[Items listed in a dataset]

*****

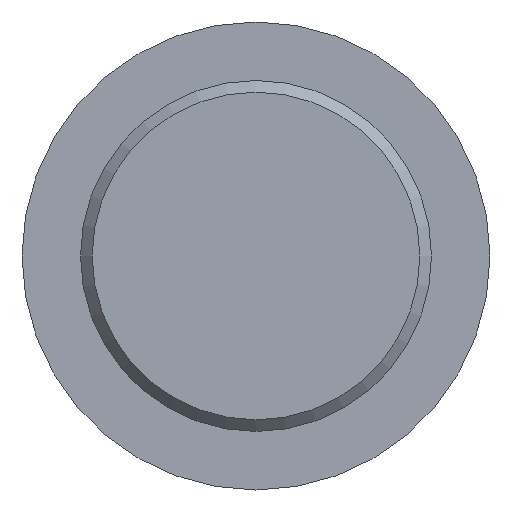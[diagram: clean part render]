
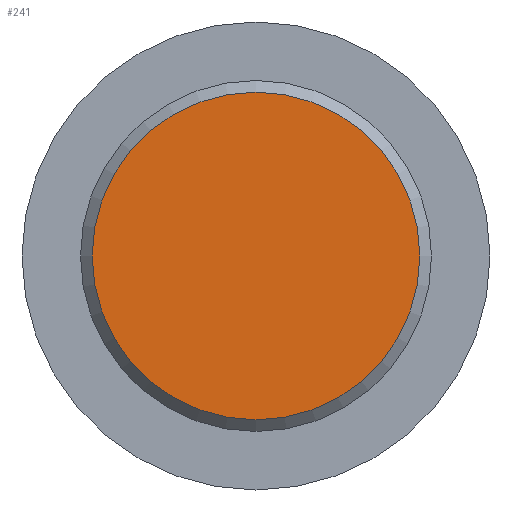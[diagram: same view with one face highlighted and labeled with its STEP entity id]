
A CAD part, front view. The second image highlights one B-rep face of the part: STEP entity #241.
In plain terms, the highlighted planar face has unit normal (0, -1, 0).
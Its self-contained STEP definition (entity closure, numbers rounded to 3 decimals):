
#26=PLANE('',#279);
#34=FACE_OUTER_BOUND('',#49,.T.);
#49=EDGE_LOOP('',(#175));
#86=CIRCLE('',#278,7.);
#112=VERTEX_POINT('',#414);
#139=EDGE_CURVE('',#112,#112,#86,.T.);
#175=ORIENTED_EDGE('',*,*,#139,.F.);
#241=ADVANCED_FACE('',(#34),#26,.T.);
#278=AXIS2_PLACEMENT_3D('',#416,#325,#326);
#279=AXIS2_PLACEMENT_3D('',#417,#327,#328);
#325=DIRECTION('center_axis',(0.,1.,0.));
#326=DIRECTION('ref_axis',(0.,0.,-1.));
#327=DIRECTION('center_axis',(0.,-1.,0.));
#328=DIRECTION('ref_axis',(0.,0.,-1.));
#414=CARTESIAN_POINT('',(0.,-450.,7.));
#416=CARTESIAN_POINT('Origin',(0.,-450.,0.));
#417=CARTESIAN_POINT('Origin',(0.,-450.,7.5));

*****

## Task objective
Write every line above out again exactly; pictures do not belong in the copy.

## Answer section
[diagram: clean part render]
[diagram: same view with one face highlighted and labeled with its STEP entity id]
A CAD part, front view. The second image highlights one B-rep face of the part: STEP entity #241.
In plain terms, the highlighted planar face has unit normal (0, -1, 0).
Its self-contained STEP definition (entity closure, numbers rounded to 3 decimals):
#26=PLANE('',#279);
#34=FACE_OUTER_BOUND('',#49,.T.);
#49=EDGE_LOOP('',(#175));
#86=CIRCLE('',#278,7.);
#112=VERTEX_POINT('',#414);
#139=EDGE_CURVE('',#112,#112,#86,.T.);
#175=ORIENTED_EDGE('',*,*,#139,.F.);
#241=ADVANCED_FACE('',(#34),#26,.T.);
#278=AXIS2_PLACEMENT_3D('',#416,#325,#326);
#279=AXIS2_PLACEMENT_3D('',#417,#327,#328);
#325=DIRECTION('center_axis',(0.,1.,0.));
#326=DIRECTION('ref_axis',(0.,0.,-1.));
#327=DIRECTION('center_axis',(0.,-1.,0.));
#328=DIRECTION('ref_axis',(0.,0.,-1.));
#414=CARTESIAN_POINT('',(0.,-450.,7.));
#416=CARTESIAN_POINT('Origin',(0.,-450.,0.));
#417=CARTESIAN_POINT('Origin',(0.,-450.,7.5));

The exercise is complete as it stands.